We're actually quite pleased with the build. The bike looks & sounds stealth - you can't immediately tell it's motorized and it's incredibly quiet.








DONOR BIKE:
Make/Model: 2013 Specialized Myka Sport, size: extra small
Cassette: Shimano HG-61, 9spd, 12x36T
Rear Deraiulleur: SRAM X7, 9spd (non-Type 2)

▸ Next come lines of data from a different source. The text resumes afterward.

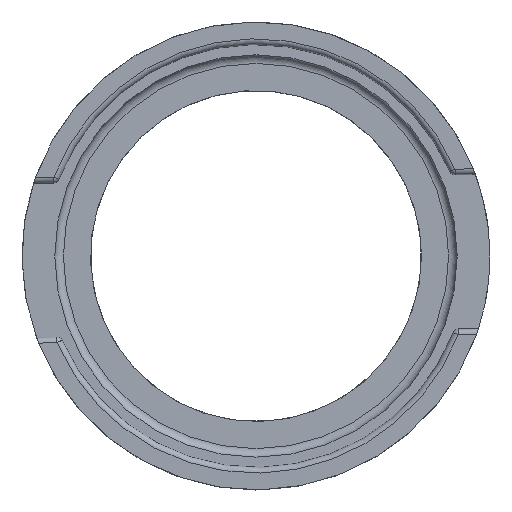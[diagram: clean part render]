
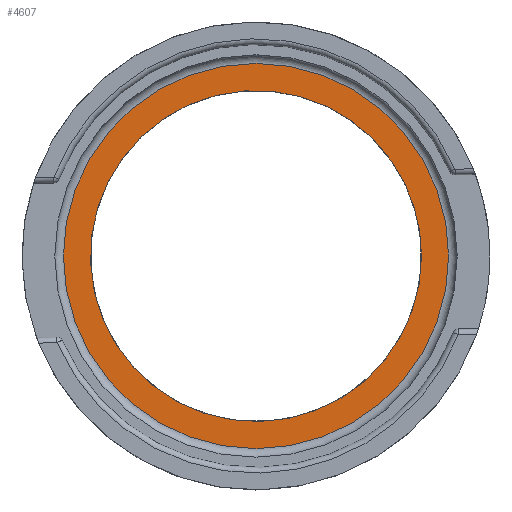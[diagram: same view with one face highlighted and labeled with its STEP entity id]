
A CAD part, top view. The second image highlights one B-rep face of the part: STEP entity #4607.
In plain terms, the highlighted planar face has unit normal (0, 0, 1).
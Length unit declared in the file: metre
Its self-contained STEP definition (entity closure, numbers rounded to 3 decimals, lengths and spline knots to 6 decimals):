
#640=CIRCLE('',#4986,0.03375);
#641=CIRCLE('',#4987,0.029);
#1527=ORIENTED_EDGE('',*,*,#2749,.T.);
#1528=ORIENTED_EDGE('',*,*,#2750,.T.);
#2749=EDGE_CURVE('',#3279,#3279,#640,.F.);
#2750=EDGE_CURVE('',#3280,#3280,#641,.T.);
#3279=VERTEX_POINT('',#11832);
#3280=VERTEX_POINT('',#11834);
#3847=EDGE_LOOP('',(#1527));
#3848=EDGE_LOOP('',(#1528));
#4160=FACE_BOUND('',#3847,.T.);
#4161=FACE_BOUND('',#3848,.T.);
#4358=PLANE('',#4985);
#4607=ADVANCED_FACE('',(#4160,#4161),#4358,.F.);
#4985=AXIS2_PLACEMENT_3D('',#11830,#5588,#5589);
#4986=AXIS2_PLACEMENT_3D('',#11831,#5590,#5591);
#4987=AXIS2_PLACEMENT_3D('',#11833,#5592,#5593);
#5588=DIRECTION('',(0.,0.,-1.));
#5589=DIRECTION('',(0.819,0.574,0.));
#5590=DIRECTION('',(0.,0.,-1.));
#5591=DIRECTION('',(1.,0.,0.));
#5592=DIRECTION('',(0.,0.,-1.));
#5593=DIRECTION('',(1.,0.,0.));
#11830=CARTESIAN_POINT('',(0.,0.,0.0738));
#11831=CARTESIAN_POINT('',(0.,0.,0.0738));
#11832=CARTESIAN_POINT('',(0.03375,0.,0.0738));
#11833=CARTESIAN_POINT('',(0.,0.,0.0738));
#11834=CARTESIAN_POINT('',(0.029,0.,0.0738));
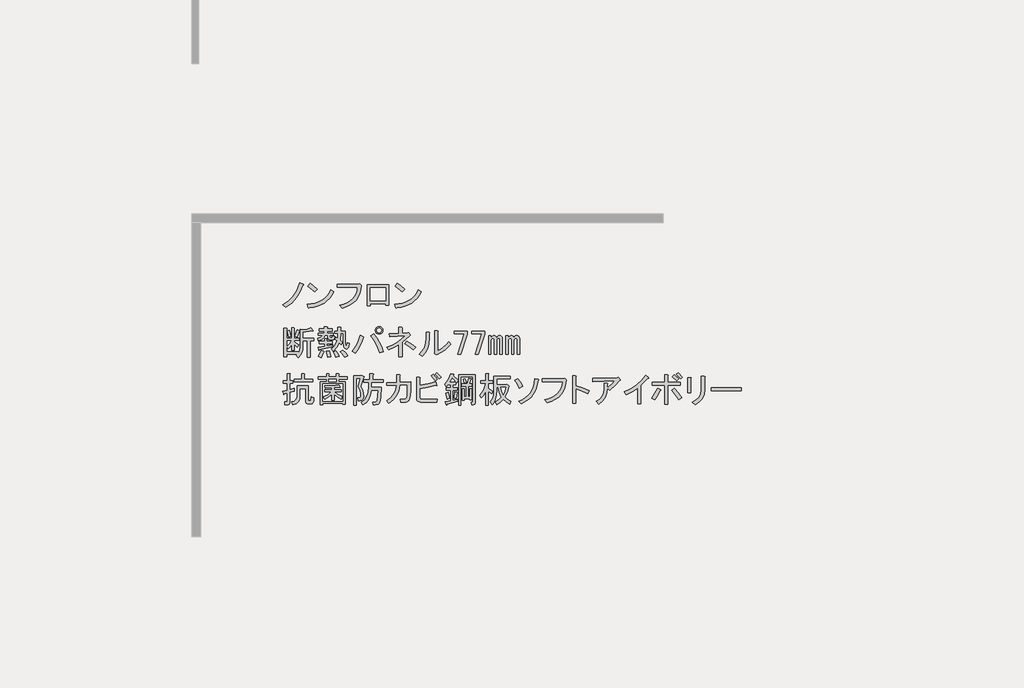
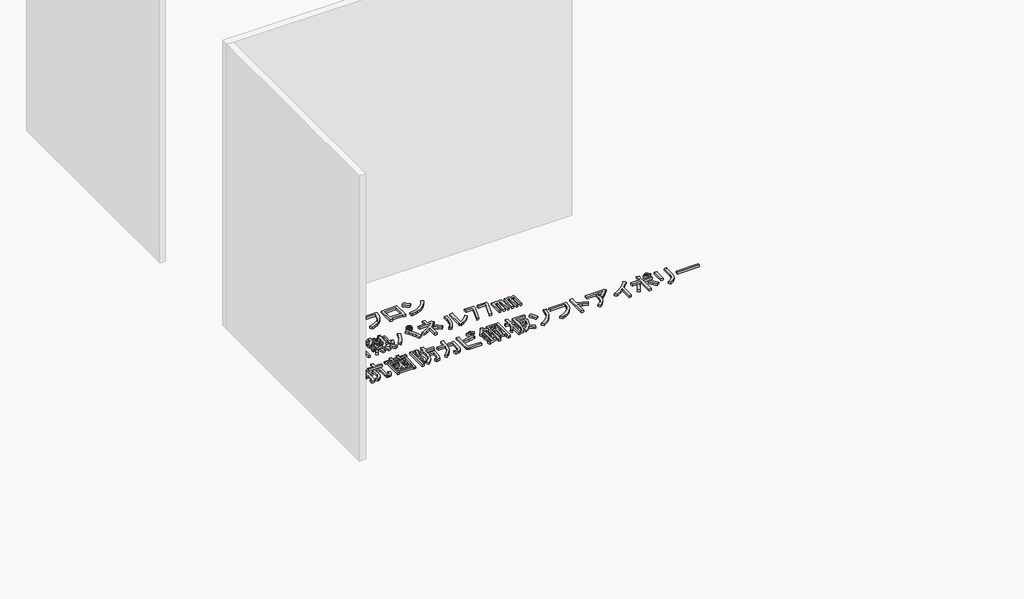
# One storey, part 24 of 117: 1 proxy.
"""IFC4 building model written with IfcOpenShell, lengths in millimetres."""

from ifc_helpers import new_model, si_unit, frame, origin, place, context, project, spatial, polyline, outline, extrude, element, save

model = new_model("IFC4")

# Units and contexts
model_context = context("Model", 3, world=origin())
ifc_project = project(units=[si_unit("LENGTHUNIT", "METRE", prefix="MILLI")], contexts=[model_context])

# Site, building, storey
site = spatial("IfcSite", under=ifc_project)
building = spatial("IfcBuilding", under=site)
storey = spatial("IfcBuildingStorey", under=building, Name="レベル 1", Elevation=500.0)

# Proxy
placement = place(None, origin())
element("IfcBuildingElementProxy", 1, Name="200㎜\u3000MS Pゴシック", ObjectType="200㎜\u3000MS Pゴシック", at=placement, inside=storey, context=model_context, shape_type="SweptSolid", body=[
    extrude(outline(polyline([(-7056.3293015, -607.0496882), (-7081.9047498, -666.8215225), (-7110.353844, -712.7998566), (-7152.0217093, -758.2034615), (-7201.1610538, -795.560858), (-7228.7480543, -773.7211493), (-7181.0455327, -743.2605029), (-7141.3892195, -704.7536481), (-7124.0036619, -680.8305462), (-7108.6296565, -652.7406577), (-7095.2672031, -620.4839827), (-7083.9163019, -584.0605212), (-7052.8809264, -597.8540214), (-7049.7199159, -602.4518548), (-7056.3293015, -607.0496882)])), frame((0.0, 0.0, 500.0), z_axis=(0.0, 0.0, 1.0), x_axis=(1.0, 0.0, 0.0)), (0.0, 0.0, 1.0), 25.0),
    extrude(outline(polyline([(-6956.6022948, -662.2236891), (-7015.2246708, -615.0958967), (-6995.6838788, -590.9572713), (-6968.3842429, -610.7854279), (-6934.7625862, -640.3839804), (-6956.6022948, -662.2236891)])), frame((0.0, 0.0, 500.0), z_axis=(0.0, 0.0, 1.0), x_axis=(1.0, 0.0, 0.0)), (0.0, 0.0, 1.0), 25.0),
    extrude(outline(polyline([(-6794.5286672, -662.2236891), (-6811.052131, -691.965924), (-6830.1618761, -717.9724192), (-6851.8579025, -740.2431748), (-6876.1402102, -758.7781907), (-6903.0087992, -773.577467), (-6932.4636694, -784.6410036), (-6964.504821, -791.9688006), (-6999.1322539, -795.560858), (-7004.8795456, -803.6070664), (-7010.6268374, -797.8597747), (-7019.8225042, -767.9738575), (-6983.9917321, -765.2977748), (-6951.2142088, -758.9937141), (-6921.4899342, -749.0616756), (-6894.8189084, -735.5016591), (-6871.2011313, -718.3136646), (-6850.636603, -697.4976923), (-6833.1253234, -673.053742), (-6818.6672926, -644.9818138), (-6794.5286672, -662.2236891)])), frame((0.0, 0.0, 500.0), z_axis=(0.0, 0.0, 1.0), x_axis=(1.0, 0.0, 0.0)), (0.0, 0.0, 1.0), 25.0),
    extrude(outline(polyline([(-6743.7685864, -777.1695243), (-6709.985287, -767.4889298), (-6680.4765359, -755.1142922), (-6655.242333, -740.0456116), (-6634.2826783, -722.282888), (-6617.597572, -701.8261214), (-6605.1870138, -678.6753118), (-6597.0510039, -652.8304591), (-6593.1895423, -624.2915635), (-6765.6082951, -624.2915635), (-6765.6082951, -599.0034798), (-6590.8906256, -599.0034798), (-6574.7982086, -595.5551047), (-6562.1541668, -607.0496882), (-6565.674383, -643.5449909), (-6573.9361149, -676.5919185), (-6586.9393625, -706.1904711), (-6604.6841258, -732.3406486), (-6627.1704048, -755.042451), (-6654.3981995, -774.2958784), (-6686.3675099, -790.1009308), (-6723.078336, -802.4576081), (-6743.7685864, -777.1695243)])), frame((0.0, 0.0, 500.0), z_axis=(0.0, 0.0, 1.0), x_axis=(1.0, 0.0, 0.0)), (0.0, 0.0, 1.0), 25.0),
    extrude(outline(polyline([(-6329.044013, -776.020066), (-6355.4815551, -776.020066), (-6355.4815551, -763.3760241), (-6483.0714321, -763.3760241), (-6483.0714321, -781.7673577), (-6509.5089742, -781.7673577), (-6509.5089742, -602.4518548), (-6329.044013, -602.4518548), (-6329.044013, -776.020066)]), holes=[polyline([(-6483.0714321, -627.7399386), (-6483.0714321, -738.0879404), (-6355.4815551, -738.0879404), (-6355.4815551, -627.7399386), (-6483.0714321, -627.7399386)])]), frame((0.0, 0.0, 500.0), z_axis=(0.0, 0.0, 1.0), x_axis=(1.0, 0.0, 0.0)), (0.0, 0.0, 1.0), 25.0),
    extrude(outline(polyline([(-6052.9900951, -662.2236891), (-6069.5135589, -691.965924), (-6088.623304, -717.9724192), (-6110.3193304, -740.2431748), (-6134.6016381, -758.7781907), (-6161.4702271, -773.577467), (-6190.9250974, -784.6410036), (-6222.9662489, -791.9688006), (-6257.5936818, -795.560858), (-6263.3409736, -803.6070664), (-6269.0882653, -797.8597747), (-6278.2839321, -767.9738575), (-6242.4531601, -765.2977748), (-6209.6756367, -758.9937141), (-6179.9513622, -749.0616756), (-6153.2803363, -735.5016591), (-6129.6625593, -718.3136646), (-6109.0980309, -697.4976923), (-6091.5867514, -673.053742), (-6077.1287205, -644.9818138), (-6052.9900951, -662.2236891)])), frame((0.0, 0.0, 500.0), z_axis=(0.0, 0.0, 1.0), x_axis=(1.0, 0.0, 0.0)), (0.0, 0.0, 1.0), 25.0),
    extrude(outline(polyline([(-6215.0637228, -662.2236891), (-6273.6860987, -615.0958967), (-6254.1453067, -590.9572713), (-6226.8456709, -610.7854279), (-6193.2240141, -640.3839804), (-6215.0637228, -662.2236891)])), frame((0.0, 0.0, 500.0), z_axis=(0.0, 0.0, 1.0), x_axis=(1.0, 0.0, 0.0)), (0.0, 0.0, 1.0), 25.0),
    extrude(outline(polyline([(-7122.9978859, -1039.2345221), (-7105.7560106, -986.3594379), (-7085.0657603, -992.1067296), (-7083.3415727, -995.2677401), (-7087.364677, -997.8540214), (-7104.6065523, -1046.1312722), (-7122.9978859, -1039.2345221)])), frame((0.0, 0.0, 500.0), z_axis=(0.0, 0.0, 1.0), x_axis=(1.0, 0.0, 0.0)), (0.0, 0.0, 1.0), 25.0),
    extrude(outline(polyline([(-6968.9704667, -990.9572713), (-6970.6946542, -995.5551047), (-6978.1661335, -993.256188), (-7055.1798431, -1005.9002299), (-7055.1798431, -1055.326939), (-6963.2231749, -1055.326939), (-6963.2231749, -1077.1666477), (-6994.2585505, -1077.1666477), (-6994.2585505, -1217.4005666), (-7017.2477175, -1217.4005666), (-7017.2477175, -1077.1666477), (-7055.1798431, -1077.1666477), (-7055.1798431, -1126.5933568), (-7057.7661244, -1154.3958807), (-7065.5249683, -1179.1810764), (-7078.4563747, -1200.948944), (-7096.5603438, -1219.6994833), (-7113.8022191, -1200.1586914), (-7103.4570939, -1190.9630245), (-7193.1148454, -1190.9630245), (-7193.1148454, -1212.8027332), (-7216.1040124, -1212.8027332), (-7216.1040124, -973.715396), (-7194.2643037, -973.715396), (-7189.3791057, -976.0143127), (-7193.1148454, -980.6121461), (-7193.1148454, -1056.4763974), (-7150.5848863, -1056.4763974), (-7150.5848863, -969.1175626), (-7132.1935527, -969.1175626), (-7127.3083547, -971.4164793), (-7131.0440943, -976.0143127), (-7131.0440943, -1056.4763974), (-7087.364677, -1056.4763974), (-7087.364677, -1074.867731), (-7131.0440943, -1074.867731), (-7131.0440943, -1084.0633978), (-7090.813052, -1110.5009399), (-7104.6065523, -1132.3406486), (-7131.0440943, -1105.9031065), (-7131.0440943, -1158.7781907), (-7150.5848863, -1158.7781907), (-7150.5848863, -1110.5009399), (-7163.8036574, -1130.3290965), (-7178.1718868, -1146.1341488), (-7190.8159287, -1127.7428152), (-7168.97622, -1103.6041898), (-7151.7343447, -1074.867731), (-7193.1148454, -1074.867731), (-7193.1148454, -1169.1233159), (-7095.4108854, -1169.1233159), (-7095.4108854, -1182.9168161), (-7082.479479, -1158.7781907), (-7078.1690102, -1125.4438985), (-7078.1690102, -980.6121461), (-7056.3293015, -986.3594379), (-7020.1213634, -978.8879586), (-6989.660717, -965.6691875), (-6968.9704667, -990.9572713)])), frame((0.0, 0.0, 500.0), z_axis=(0.0, 0.0, 1.0), x_axis=(1.0, 0.0, 0.0)), (0.0, 0.0, 1.0), 25.0),
    extrude(outline(polyline([(-7177.0224284, -1047.2807305), (-7189.6664703, -996.7045631), (-7170.1256783, -989.8078129), (-7162.3668344, -1013.9464383), (-7157.4816364, -1040.3839804), (-7177.0224284, -1047.2807305)])), frame((0.0, 0.0, 500.0), z_axis=(0.0, 0.0, 1.0), x_axis=(1.0, 0.0, 0.0)), (0.0, 0.0, 1.0), 25.0),
    extrude(outline(polyline([(-6878.1632569, -1167.9738575), (-6874.7148818, -1172.8590555), (-6880.4621736, -1176.020066), (-6890.2325696, -1201.5955143), (-6901.1524239, -1220.8489417), (-6924.141591, -1209.3543582), (-6911.4975491, -1185.790462), (-6901.1524239, -1158.7781907), (-6878.1632569, -1167.9738575)])), frame((0.0, 0.0, 500.0), z_axis=(0.0, 0.0, 1.0), x_axis=(1.0, 0.0, 0.0)), (0.0, 0.0, 1.0), 25.0),
    extrude(outline(polyline([(-6833.3343812, -1163.3760241), (-6823.2766206, -1190.67566), (-6818.3914226, -1212.8027332), (-6847.1278814, -1218.550025), (-6849.7141627, -1196.9976809), (-6857.4730066, -1166.8243992), (-6833.3343812, -1163.3760241)])), frame((0.0, 0.0, 500.0), z_axis=(0.0, 0.0, 1.0), x_axis=(1.0, 0.0, 0.0)), (0.0, 0.0, 1.0), 25.0),
    extrude(outline(polyline([(-6718.388546, -1157.6287323), (-6693.6751914, -1178.8937119), (-6674.7091286, -1203.6070664), (-6701.1466707, -1218.550025), (-6720.4000981, -1188.9514724), (-6739.0787963, -1169.1233159), (-6718.388546, -1157.6287323)])), frame((0.0, 0.0, 500.0), z_axis=(0.0, 0.0, 1.0), x_axis=(1.0, 0.0, 0.0)), (0.0, 0.0, 1.0), 25.0),
    extrude(outline(polyline([(-6777.0109219, -1216.2511083), (-6785.344495, -1191.5377537), (-6798.8506306, -1170.2727742), (-6778.1603803, -1162.2265657), (-6761.2058696, -1183.7789098), (-6749.4239215, -1207.0554415), (-6777.0109219, -1216.2511083)])), frame((0.0, 0.0, 500.0), z_axis=(0.0, 0.0, 1.0), x_axis=(1.0, 0.0, 0.0)), (0.0, 0.0, 1.0), 25.0),
    extrude(outline(polyline([(-6916.0953825, -1153.0308989), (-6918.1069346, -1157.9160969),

Shifter: SRAM X9, twist shift, 9spd
Brakes: Tektro Drako, hydraulic (converted from V-Brakes to hydraulic disc's)

THE BUILD:
The motor is a Bafang BBS02 48V, 750W mid-drive system ordered as a complete kit from Luna Cycles. I was actually looking for a 500W unit, but no one seems to stock them anymore. And the 1000W BBSHD would be way too much ebike for her. Also, knowing the stock 46T chainring would put too much strain on the motor for most of our Bay Area hills, I added the optional Race Face 34T Narrow-Wide chainring & adapter. While a 30T would actually be more ideal, I believe they only make a 30T kit for the BBSHD.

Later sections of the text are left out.